Following the lead of the court in In re B. J. B. : “On remand the trial court will not be limited to considering the evidence previously presented but may *1246receive any evidence bearing on the issue of custody at the time of rehearing. [Citation.]” (Id. at p. 1211, fn. 7.) Because of the updating process, any juvenile court judge may hear the matter.

The orders of the court are reversed and the cause remanded for further proceedings consistent with this opinion.

Hamlin, J., and Harris, J.,* concurred.

A petition for a rehearing was denied June 2, 1987, and the petitions of respondent Stanislaus County Department of Human Services and the Minor for review by the Supreme Court were denied August 12, 1987. Mosk, J., was of the opinion that the petitions should be granted.

All statutory references are to the Welfare and Institutions Code unless otherwise indicated.

See footnote on page 1229, ante.

Specifically the court made the following remarks: “In the intervening years of time various social workers have extended to the [L’s] a number of reunification plans that they have felt needed to be complied with before the reunification would take place. These plans have failed for a number of reasons and, most significantly, being Mr. [L’s] substance abuse, being alcohol, a problem that he apparently is somewhat getting ahold of now, but in the past has not admitted nor does he seek help for, but a problem which continues to be at the root of the parties’ problems. He testified that in the September incident he had not had anything to drink, but yet we know from Mrs. Call that he was drunk at the time.

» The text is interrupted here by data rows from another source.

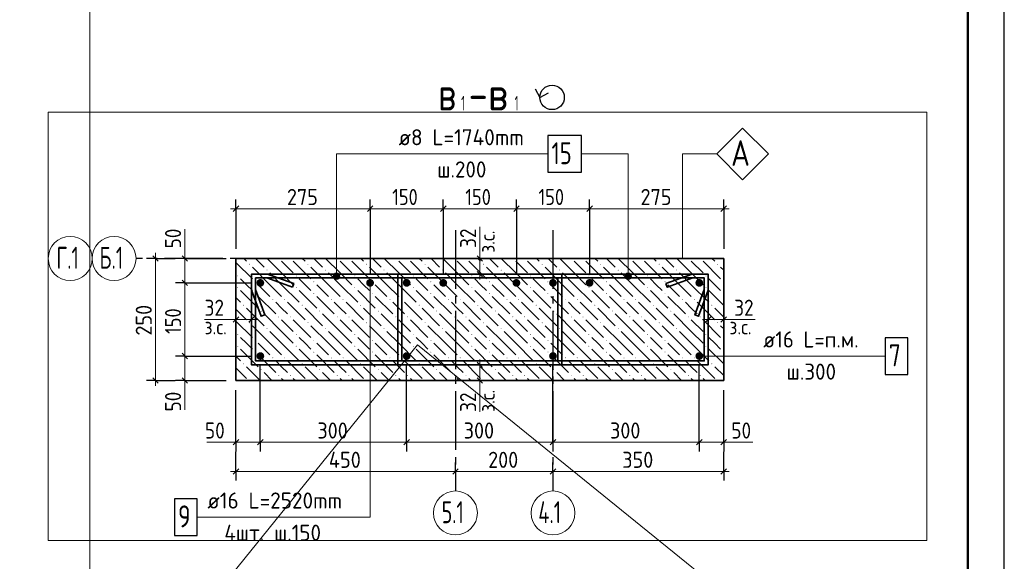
# Model space of a CAD drawing. Header units: millimetres. Extents: x 0 to 59400, y 0 to 42000.
# Tile 28 of 29: x 45942 to 59400, y 27137 to 34535. Entities that reach past the tile are written whole.
import ezdxf

# ---------------------------------------------------------------- set-up
doc = ezdxf.new("R2010")
doc.units = ezdxf.units.MM
doc.linetypes.add('______2', pattern=[270, 200, -70])
doc.linetypes.add('______5', pattern=[1100, 800, -100, 100, -100])
for name, color, linetype, lineweight in [('S1 ДОП Продольная арматура', 52, 'Continuous', 25), ('S1 Продольная арматура', 52, 'Continuous', 25), ('Standard', 7, 'Continuous', 25), ('Заголовок чертежа', 7, 'Continuous', 25), ('Позиционная метка линия выноска', 7, 'Continuous', 13), ('Размерная выноска', 7, 'Continuous', 13), ('Хомут', 52, 'Continuous', 25)]:
    doc.layers.add(name, color=color, linetype=linetype, lineweight=lineweight)
doc.layers.add('ЖБ Пилон', color=7, linetype='______2', lineweight=13, true_color=0xa0a0a0)
doc.layers.add('Оси', color=7, linetype='______5', lineweight=13, true_color=0x656565)
doc.styles.add('ISOCPEUR', font='txt')

msp = doc.modelspace()

# ---------------------------------------------------------------- hatches: boundary and pattern name
at = {"layer": 'S1 ДОП Продольная арматура', "linetype": 'Continuous', "lineweight": 25, "transparency": 33554687}
for points in [[(50785, 30940), (50780, 30960), (50769, 30978), (50752, 30989), (50731, 30993), (50711, 30989), (50693, 30978), (50682, 30960), (50678, 30940), (50682, 30920), (50693, 30902), (50711, 30891), (50731, 30887), (50752, 30891), (50769, 30902), (50780, 30920)], [(51785, 30940), (51780, 30960), (51769, 30978), (51752, 30989), (51731, 30993), (51711, 30989), (51693, 30978), (51682, 30960), (51678, 30940), (51682, 30920), (51693, 30902), (51711, 30891), (51731, 30887), (51752, 30891), (51769, 30902), (51780, 30920)], [(52785, 30940), (52780, 30960), (52769, 30978), (52752, 30989), (52731, 30993), (52711, 30989), (52693, 30978), (52682, 30960), (52678, 30940), (52682, 30920), (52693, 30902), (52711, 30891), (52731, 30887), (52752, 30891), (52769, 30902), (52780, 30920)], [(53785, 30940), (53780, 30960), (53769, 30978), (53752, 30989), (53731, 30993), (53711, 30989), (53693, 30978), (53682, 30960), (53678, 30940), (53682, 30920), (53693, 30902), (53711, 30891), (53731, 30887), (53752, 30891), (53769, 30902), (53780, 30920)]]:
    msp.add_hatch(color=7, dxfattribs=at).paths.add_polyline_path(points)
at = {"layer": 'S1 Продольная арматура', "linetype": 'Continuous', "lineweight": 18, "transparency": 33554687}
for points in [[(49285, 30940), (49280, 30960), (49269, 30978), (49252, 30989), (49231, 30993), (49211, 30989), (49193, 30978), (49182, 30960), (49178, 30940), (49182, 30920), (49193, 30902), (49211, 30891), (49231, 30887), (49252, 30891), (49269, 30902), (49280, 30920)], [(51285, 30940), (51280, 30960), (51269, 30978), (51252, 30989), (51231, 30993), (51211, 30989), (51193, 30978), (51182, 30960), (51178, 30940), (51182, 30920), (51193, 30902), (51211, 30891), (51231, 30887), (51252, 30891), (51269, 30902), (51280, 30920)], [(53285, 30940), (53280, 30960), (53269, 30978), (53252, 30989), (53231, 30993), (53211, 30989), (53193, 30978), (53182, 30960), (53178, 30940), (53182, 30920), (53193, 30902), (53211, 30891), (53231, 30887), (53252, 30891), (53269, 30902), (53280, 30920)], [(55285, 30940), (55280, 30960), (55269, 30978), (55252, 30989), (55231, 30993), (55211, 30989), (55193, 30978), (55182, 30960), (55178, 30940), (55182, 30920), (55193, 30902), (55211, 30891), (55231, 30887), (55252, 30891), (55269, 30902), (55280, 30920)], [(49285, 29940), (49280, 29960), (49269, 29978), (49252, 29989), (49231, 29993), (49211, 29989), (49193, 29978), (49182, 29960), (49178, 29940), (49182, 29920), (49193, 29902), (49211, 29891), (49231, 29887), (49252, 29891), (49269, 29902), (49280, 29920)], [(51285, 29940), (51280, 29960), (51269, 29978), (51252, 29989), (51231, 29993), (51211, 29989), (51193, 29978), (51182, 29960), (51178, 29940), (51182, 29920), (51193, 29902), (51211, 29891), (51231, 29887), (51252, 29891), (51269, 29902), (51280, 29920)], [(53285, 29940), (53280, 29960), (53269, 29978), (53252, 29989), (53231, 29993), (53211, 29989), (53193, 29978), (53182, 29960), (53178, 29940), (53182, 29920), (53193, 29902), (53211, 29891), (53231, 29887), (53252, 29891), (53269, 29902), (53280, 29920)], [(55285, 29940), (55280, 29960), (55269, 29978), (55252, 29989), (55231, 29993), (55211, 29989), (55193, 29978), (55182, 29960), (55178, 29940), (55182, 29920), (55193, 29902), (55211, 29891), (55231, 29887), (55252, 29891), (55269, 29902), (55280, 29920)]]:
    msp.add_hatch(color=7, dxfattribs=at).paths.add_polyline_path(points)
at = {"layer": 'ЖБ Пилон', "linetype": 'Continuous', "lineweight": 18, "transparency": 33554687}
for points in [[(49487, 31273), (49482, 31268), (49477, 31273)], [(49647, 31273), (49642, 31268), (49637, 31273)], [(50287, 31273), (50282, 31268), (50277, 31273)], [(50447, 31273), (50442, 31268), (50437, 31273)], [(51087, 31273), (51082, 31268), (51077, 31273)], [(51247, 31273), (51242, 31268), (51237, 31273)], [(51887, 31273), (51882, 31268), (51877, 31273)], [(52047, 31273), (52042, 31268), (52037, 31273)], [(52687, 31273), (52682, 31268), (52677, 31273)], [(52847, 31273), (52842, 31268), (52837, 31273)], [(53487, 31273), (53482, 31268), (53477, 31273)], [(53647, 31273), (53642, 31268), (53637, 31273)], [(54287, 31273), (54282, 31268), (54277, 31273)], [(54447, 31273), (54442, 31268), (54437, 31273)], [(55087, 31273), (55082, 31268), (55077, 31273)], [(55247, 31273), (55242, 31268), (55237, 31273)], [(49076, 31195), (49082, 31201), (49089, 31195), (49082, 31188)], [(49316, 31115), (49322, 31121), (49329, 31115), (49322, 31108)], [(49876, 31195), (49882, 31201), (49889, 31195), (49882, 31188)], [(50116, 31115), (50122, 31121), (50129, 31115), (50122, 31108)], [(50676, 31195), (50682, 31201), (50689, 31195), (50682, 31188)], [(50916, 31115), (50922, 31121), (50929, 31115), (50922, 31108)], [(51476, 31195), (51482, 31201), (51489, 31195), (51482, 31188)], [(51716, 31115), (51722, 31121), (51729, 31115), (51722, 31108)], [(52276, 31195), (52282, 31201), (52289, 31195), (52282, 31188)], [(52516, 31115), (52522, 31121), (52529, 31115), (52522, 31108)], [(53076, 31195), (53082, 31201), (53089, 31195), (53082, 31188)], [(53316, 31115), (53322, 31121), (53329, 31115), (53322, 31108)], [(53876, 31195), (53882, 31201), (53889, 31195), (53882, 31188)], [(54116, 31115), (54122, 31121), (54129, 31115), (54122, 31108)], [(54676, 31195), (54682, 31201), (54689, 31195), (54682, 31188)], [(54916, 31115), (54922, 31121), (54929, 31115), (54922, 31108)], [(55476, 31195), (55482, 31201), (55489, 31195), (55482, 31188)], [(48916, 31035), (48922, 31041), (48929, 31035), (48922, 31028)], [(49156, 30955), (49162, 30961), (49169, 30955), (49162, 30948)], [(49716, 31035), (49722, 31041), (49729, 31035), (49722, 31028)], [(49956, 30955), (49962, 30961), (49969, 30955), (49962, 30948)], [(50516, 31035), (50522, 31041), (50529, 31035), (50522, 31028)], [(50756, 30955), (50762, 30961), (50769, 30955), (50762, 30948)], [(51316, 31035), (51322, 31041), (51329, 31035), (51322, 31028)], [(51556, 30955), (51562, 30961), (51569, 30955), (51562, 30948)], [(52116, 31035), (52122, 31041), (52129, 31035), (52122, 31028)], [(52356, 30955), (52362, 30961), (52369, 30955), (52362, 30948)], [(52916, 31035), (52922, 31041), (52929, 31035), (52922, 31028)], [(53156, 30955), (53162, 30961), (53169, 30955), (53162, 30948)], [(53716, 31035), (53722, 31041), (53729, 31035), (53722, 31028)], [(53956, 30955), (53962, 30961), (53969, 30955), (53962, 30948)], [(54516, 31035), (54522, 31041), (54529, 31035), (54522, 31028)], [(54756, 30955), (54762, 30961), (54769, 30955), (54762, 30948)], [(55316, 31035), (55322, 31041), (55329, 31035), (55322, 31028)], [(55556, 30955), (55562, 30961), (55565, 30959), (55565, 30951), (55562, 30948)], [(48916, 30875), (48922, 30881), (48929, 30875), (48922, 30868)], [(49716, 30875), (49722, 30881), (49729, 30875), (49722, 30868)], [(50516, 30875), (50522, 30881), (50529, 30875), (50522, 30868)], [(51316, 30875), (51322, 30881), (51329, 30875), (51322, 30868)], [(52116, 30875), (52122, 30881), (52129, 30875), (52122, 30868)], [(52916, 30875), (52922, 30881), (52929, 30875), (52922, 30868)], [(53716, 30875), (53722, 30881), (53729, 30875), (53722, 30868)], [(54516, 30875), (54522, 30881), (54529, 30875), (54522, 30868)], [(55316, 30875), (55322, 30881), (55329, 30875), (55322, 30868)], [(49156, 30795), (49162, 30801), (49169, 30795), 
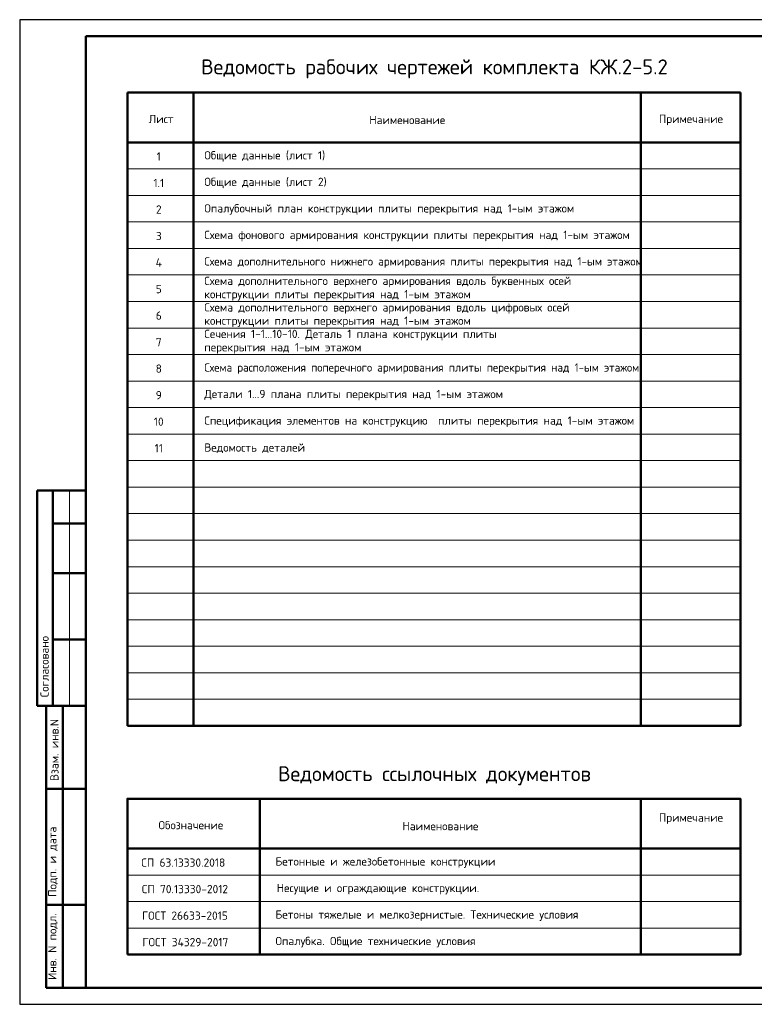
# Model space of a CAD drawing. Header units: millimetres. Extents: x 0 to 50400, y 0 to 35640.
# Tile 1 of 4: x 0 to 26604, y 0 to 35640. Entities that reach past the tile are written whole.
import ezdxf

# ---------------------------------------------------------------- set-up
doc = ezdxf.new("R2010")
doc.units = ezdxf.units.MM
doc.layers.add('Standard', color=7, linetype='Continuous', lineweight=25)
doc.layers.add('Общий01', color=7, linetype='Continuous', lineweight=13)
doc.styles.add('ISOCPEUR', font='txt')

msp = doc.modelspace()

# ---------------------------------------------------------------- linework, layer by layer
at = {"layer": 'Standard', "color": 7, "linetype": 'Continuous', "lineweight": 25, "transparency": 33554687}
msp.add_line((2400, 35040), (2400, 1270), dxfattribs=at)
at = {"layer": 'Standard', "color": 7, "linetype": 'Continuous', "lineweight": 50, "transparency": 33554687}
for p, q in [((3900, 33000), (26100, 33000)), ((3900, 33000), (3900, 10080)), ((6300, 33000), (6300, 10080)), ((22500, 33000), (22500, 10080)), ((26100, 33000), (26100, 10080)), ((3900, 31200), (26100, 31200)), ((7, 18600), (0, 18600)), ((2400, 18600), (632, 18600)), ((632, 18600), (632, 10800)), ((632, 18600), (632, 10800)), ((1200, 18600), (1200, 10800)), ((2400, 17400), (1200, 17400)), ((2400, 15600), (1200, 15600)), ((2400, 13200), (1200, 13200)), ((0, 10800), (7, 10800)), ((632, 10800), (2400, 10800)), ((960, 600), (960, 10800)), ((960, 600), (960, 10800)), ((1560, 600), (1560, 10800)), ((3900, 10080), (26100, 10080)), ((960, 7800), (2400, 7800)), ((8700, 7440), (8700, 1800)), ((22500, 7440), (22500, 1800)), ((3900, 5640), (26100, 5640)), ((960, 3600), (2400, 3600)), ((2400, 600), (960, 600))]:
    msp.add_line(p, q, dxfattribs=at)
at = {"layer": 'Standard', "color": 7, "linetype": 'Continuous', "lineweight": 13, "transparency": 33554687}
for p, q in [((3900, 30240), (26100, 30240)), ((3900, 29280), (26100, 29280)), ((3900, 28320), (26100, 28320)), ((3900, 27360), (26100, 27360)), ((3900, 26400), (26100, 26400)), ((3900, 25440), (26100, 25440)), ((3900, 24480), (26100, 24480)), ((3900, 23520), (26100, 23520)), ((3900, 22560), (26100, 22560)), ((3900, 21600), (26100, 21600)), ((3900, 20640), (26100, 20640)), ((3900, 19680), (26100, 19680)), ((1800, 18600), (1800, 10800)), ((3900, 18720), (26100, 18720)), ((3900, 17760), (26100, 17760)), ((3900, 16800), (26100, 16800)), ((3900, 15840), (26100, 15840)), ((3900, 14880), (26100, 14880)), ((3900, 13920), (26100, 13920)), ((3900, 12960), (26100, 12960)), ((3900, 12000), (26100, 12000)), ((3900, 11040), (26100, 11040)), ((3900, 7440), (26100, 7440)), ((3900, 4680), (26100, 4680)), ((3900, 3720), (26100, 3720)), ((3900, 3720), (26100, 3720)), ((3900, 2760), (26100, 2760)), ((3900, 1800), (26100, 1800))]:
    msp.add_line(p, q, dxfattribs=at)
at = {"layer": 'Standard', "color": 7, "linetype": 'Continuous', "lineweight": 25, "transparency": 33554687}
msp.add_lwpolyline([(0, 0), (50400, 0), (50400, 35640), (0, 35640), (0, 0)], close=True, dxfattribs=at)
msp.add_lwpolyline([(0, 0), (50400, 0), (50400, 35640), (0, 35640), (0, 0)], close=True, dxfattribs=at)
at = {"layer": 'Standard', "color": 7, "linetype": 'Continuous', "lineweight": 50, "transparency": 33554687}
for points in [[(2400, 35040), (49800, 35040), (49800, 600), (2400, 600), (2400, 35040)], [(3900, 1800), (3900, 7440), (26100, 7440), (26100, 1800), (3900, 1800)]]:
    msp.add_lwpolyline(points, close=True, dxfattribs=at)

# ---------------------------------------------------------------- texts
at = {"layer": 'Standard', "color": 7, "linetype": 'Continuous', "lineweight": 13, "transparency": 33554687, "char_height": 300, "style": 'ISOCPEUR'}
for s, insert, width, attachment_point in [('\\A1;{\\fISOCPEUR|i0|b0;\\H300.000000;\\W1.000000;\\C7;Общие данные (лист 1)}\\P', (6687, 30690), 4435.92, 4), ('\\A1;{\\fISOCPEUR|i0|b0;\\H300.000000;\\W1.000000;\\C7;1}\\P', (5037, 30690), 233.33, 5), ('\\A1;{\\fISOCPEUR|i0|b0;\\H300.000000;\\W1.000000;\\C7;Общие данные (лист 2)}\\P', (6687, 29730), 4497.96, 4), ('\\A1;{\\fISOCPEUR|i0|b0;\\H300.000000;\\W1.000000;\\C7;1.1}\\P', (5037, 29730), 492.63, 5), ('\\A1;{\\fISOCPEUR|i0|b0;\\H300.000000;\\W1.000000;\\C7;2}\\P', (5037, 28770), 326.67, 5), ('\\A1;{\\fISOCPEUR|i0|b0;\\H300.000000;\\W1.000000;\\C7;Опалубочный план конструкции плиты перекрытия над 1-ым этажом}\\P', (6687, 28770), 13318.65, 4), ('\\A1;{\\fISOCPEUR|i0|b0;\\H300.000000;\\W1.000000;\\C7;3}\\P', (5037, 27810), 326.67, 5), ('\\A1;{\\fISOCPEUR|i0|b0;\\H300.000000;\\W1.000000;\\C7;4}\\P', (5037, 26850), 360, 5), ('\\A1;{\\fISOCPEUR|i0|b0;\\H300.000000;\\W1.000000;\\C7;5}\\P', (5037, 25890), 326.67, 5), ('\\A1;{\\fISOCPEUR|i0|b0;\\H300.000000;\\W1.000000;\\C7;6}\\P', (5037, 24930), 326.67, 5), ('\\A1;{\\fISOCPEUR|i0|b0;\\H300.000000;\\W1.000000;\\C7;7}\\P', (5037, 23970), 326.67, 5), ('\\A1;{\\fISOCPEUR|i0|b0;\\H300.000000;\\W1.000000;\\C7;8}\\P', (5037, 23010), 326.67, 5), ('\\A1;{\\fISOCPEUR|i0|b0;\\H300.000000;\\W1.000000;\\C7;9}\\P', (5037, 22050), 326.67, 5), ('\\A1;{\\fISOCPEUR|i0|b0;\\H300.000000;\\W1.000000;\\C7;Спецификация элементов на конструкцию  плиты перекрытия над 1-ым этажом}\\P', (6687, 21090), 15553.84, 4), ('\\A1;{\\fISOCPEUR|i0|b0;\\H300.000000;\\W1.000000;\\C7;10}\\P', (5037, 21090), 472.5, 5), ('\\A1;{\\fISOCPEUR|i0|b0;\\H300.000000;\\W1.000000;\\C7;Ведомость деталей}\\P', (6687, 20130), 3867.62, 4), ('\\A1;{\\fISOCPEUR|i0|b0;\\H300.000000;\\W1.000000;\\C7;11}\\P', (5037, 20130), 393.75, 5)]:
    msp.add_mtext(s, dxfattribs=dict(at, insert=insert, width=width, attachment_point=attachment_point))
at = {"layer": 'Standard', "color": 7, "linetype": 'Continuous', "lineweight": -3, "transparency": 33554687, "char_height": 300, "style": 'ISOCPEUR'}
for s, insert, width, attachment_point in [('\\A1;{\\fISOCPEUR|i0|b0;\\H300.000000;\\W1.000000;\\C7;Схема фонового армирования конструкции плиты перекрытия над 1-ым этажом}\\P', (6687, 27810), 15478.83, 4), ('\\A1;{\\fISOCPEUR|i0|b0;\\H300.000000;\\W0.980392;\\C7;Схема дополнительного нижнего армирования плиты перекрытия над 1-ым этажом}\\P', (6687, 26850), 15793.02, 4), ('\\A1;{\\fISOCPEUR|i0|b0;\\H300.000000;\\W0.970874;\\C7;Схема расположения поперечного армирования плиты перекрытия над 1-ым этажом}\\P', (6687, 23010), 15785.33, 4), ('\\A1;{\\fISOCPEUR|i0|b0;\\H300.000000;\\W1.000000;\\C7;Детали 1...9 плана плиты перекрытия над 1-ым этажом}\\P', (6687, 22050), 10827.51, 4), ('\\A1;{\\fISOCPEUR|i0|b0;\\H300.000000;\\W1.000000;\\C7;Примечание}\\P', (24310, 6720), 2336, 5), ('\\A1;{\\fISOCPEUR|i0|b0;\\H300.000000;\\W1.000000;\\C7;Обозначение}\\P', (6201, 6485), 2501.27, 5), ('\\A1;{\\fISOCPEUR|i0|b0;\\H300.000000;\\W1.000000;\\C7;Наименование}\\P', (15237, 6450), 2786.67, 5), ('\\A1;{\\fISOCPEUR|i0|b0;\\H300.000000;\\W1.000000;\\C7;СП 63.13330.2018}\\P', (5925, 5130), 3141.51, 5), ('\\A1;{\\fISOCPEUR|i0|b0;\\H300.000000;\\W1.000000;\\C7;Бетонные и железобетонные конструкции}\\P', (9264, 5130), 8143.88, 4), ('\\A1;{\\fISOCPEUR|i0|b0;\\H300.000000;\\W1.000000;\\C7;СП 70.13330-2012}\\P', (5985, 4170), 3261.82, 5), ('\\A1;{\\fISOCPEUR|i0|b0;\\H300.000000;\\W1.000000;\\C7;Несущие и ограждающие конструкции.}\\P', (9309, 4170), 7483.78, 4), ('\\A1;{\\fISOCPEUR|i0|b0;\\H300.000000;\\W1.000000;\\C7;ГОСТ 26633-2015}\\P', (5985, 3210), 3264.44, 5), ('\\A1;{\\fISOCPEUR|i0|b0;\\H300.000000;\\W1.000000;\\C7;Бетоны тяжелые и мелкозернистые. Технические условия}\\P', (9264, 3210), 11114.18, 4), ('\\A1;{\\fISOCPEUR|i0|b0;\\H300.000000;\\W1.000000;\\C7;ГОСТ 34329-2017}\\P', (6000, 2250), 3294.5, 5), ('\\A1;{\\fISOCPEUR|i0|b0;\\H300.000000;\\W1.000000;\\C7;Опалубка. Общие технические условия}\\P', (9264, 2250), 7498.79, 4)]:
    msp.add_mtext(s, dxfattribs=dict(at, insert=insert, width=width, attachment_point=attachment_point))
at = {"layer": 'Standard', "color": 7, "linetype": 'Continuous', "lineweight": -3, "transparency": 33554687, "char_height": 300, "attachment_point": 1, "line_spacing_factor": 0.963855}
for s, insert, width in [('\\A1;{\\fISOCPEUR|i0|b0;\\H300.000000;\\W1.000000;\\C7;Схема дополнительного верхнего армирования вдоль буквенных осей}\\P{\\fISOCPEUR|i0|b0;\\H300.000000;\\W1.000000;\\C7;конструкции плиты перекрытия над 1-ым этажом}\\P', (6687, 26337), 13370.25), ('\\A1;{\\fISOCPEUR|i0|b0;\\H300.000000;\\W1.000000;\\C7;Схема дополнительного верхнего армирования вдоль цифровых осей}\\P{\\fISOCPEUR|i0|b0;\\H300.000000;\\W1.000000;\\C7;конструкции плиты перекрытия над 1-ым этажом}\\P', (6687, 25377), 13250.25), ('\\A1;{\\fISOCPEUR|i0|b0;\\H300.000000;\\W1.000000;\\C7;Сечения 1-1...10-10. Деталь 1 плана конструкции плиты}\\P{\\fISOCPEUR|i0|b0;\\H300.000000;\\W1.000000;\\C7;перекрытия над 1-ым этажом}\\P', (6687, 24417), 10640.25)]:
    msp.add_mtext(s, dxfattribs=dict(at, insert=insert, width=width))
at = {"layer": 'Standard', "color": 7, "linetype": 'Continuous', "lineweight": 50, "transparency": 33554687, "char_height": 300, "attachment_point": 7, "rotation": 90, "style": 'ISOCPEUR'}
for s, insert, width in [('\\A1;{\\fISOCPEUR|i0|b0;\\H300.000000;\\W1.000000;\\C7;Согласовано}\\P', (1050, 11114), 2486.25), ('\\A1;{\\fISOCPEUR|i0|b0;\\H300.000000;\\W1.000000;\\C7;Взам. инв.N}\\P', (1408, 8083), 2290.92), ('\\A1;{\\fISOCPEUR|i0|b0;\\H300.000000;\\W1.000000;\\C7;Подп. и дата}\\P', (1379, 3891), 2636.47), ('\\A1;{\\fISOCPEUR|i0|b0;\\H300.000000;\\W1.000000;\\C7;Инв. N подл.}\\P', (1379, 881), 2426.15)]:
    msp.add_mtext(s, dxfattribs=dict(at, insert=insert, width=width))
at = {"layer": 'Общий01', "transparency": 33554687, "attachment_point": 5, "style": 'ISOCPEUR'}
for s, insert, char_height, width in [('\\A1;{\\fISOCPEUR|i0|b0;\\H540.000000;\\W1.000000;\\C7;Ведомость рабочих чертежей комплекта КЖ.2-5.2}\\P', (15020, 33860), 540, 17494.32), ('\\A1;{\\fISOCPEUR|i0|b0;\\H300.000000;\\W1.000000;\\C7;Лист}\\P', (5121, 32045), 300, 1040.62), ('\\A1;{\\fISOCPEUR|i0|b0;\\H300.000000;\\W1.000000;\\C7;Наименование}\\P', (14037, 32010), 300, 2786.67), ('\\A1;{\\fISOCPEUR|i0|b0;\\H300.000000;\\W1.000000;\\C7;Примечание}\\P', (24310, 32010), 300, 2336), ('\\A1;{\\fISOCPEUR|i0|b0;\\H540.000000;\\W1.000000;\\C7;Ведомость ссылочных документов}\\P', (15020, 8273), 540, 11823.5)]:
    msp.add_mtext(s, dxfattribs=dict(at, insert=insert, char_height=char_height, width=width))

doc.saveas('drawing.dxf')

“The violent incident which occurred in September where the children were in the home and in the bathtub obviously had a profound [ejffect on both children, and especially Venita, as expressed by her in her subsequent actions with the care-taking parents.

“Another concern, that was voiced by counsel, is that, for whatever reason, these incidences are going, are going unreported and only become, or came to the surface as a result of some comment by the youngest boy that is involved.

“The parties have attended the Family Maintenance and Reunification Program through Therapeutic Homes, and that was not completed apparently because the problems were too extensive for them to handle.

“The Court feels that the Department of Social Services has done everything reasonable that could be expected under these circumstances, and even more, to get this family back together, and the efforts have resulted in failure. And the Court doesn’t expect that anything in the future would reasonably change that outlook.

“On the other side of the case, looking at the best interests of the minor, she has been placed in a stable, loving environment since October of 1983. She’s been bonded to the foster parents. And, as Dr. Olson, the Court’s appointed doctor indicates, that to break that bond would clearly result in psychological distress of a considerable degree and would have increasing difficulty forming—and she would have increasing difficulty forming—intimate attachments for the rest of her life.

“Even without the information as provided in Dr. Trompetter’s report, there is no question that all reasonable efforts have been made to reunite this minor with her parents. The efforts have failed, and there is no reasonable expectation that any future effort will have any different result.”

Civil Code section 4600 provides in relevant part:

“(a)..................
“In any proceeding where there is at issue the custody of a minor child, the court may, during the pendency of the proceeding or at any time thereafter, make such order for the custody of the child during minority as may seem necessary or proper...
“(c) Before the court makes any order awarding custody to a person or persons other than a parent, without the consent of the parents, it shall make a finding that an award of custody to a parent would be detrimental to the child and the award to a nonparent is required to serve the best interests of the child.”

Assigned by the Chairperson of the Judicial Council.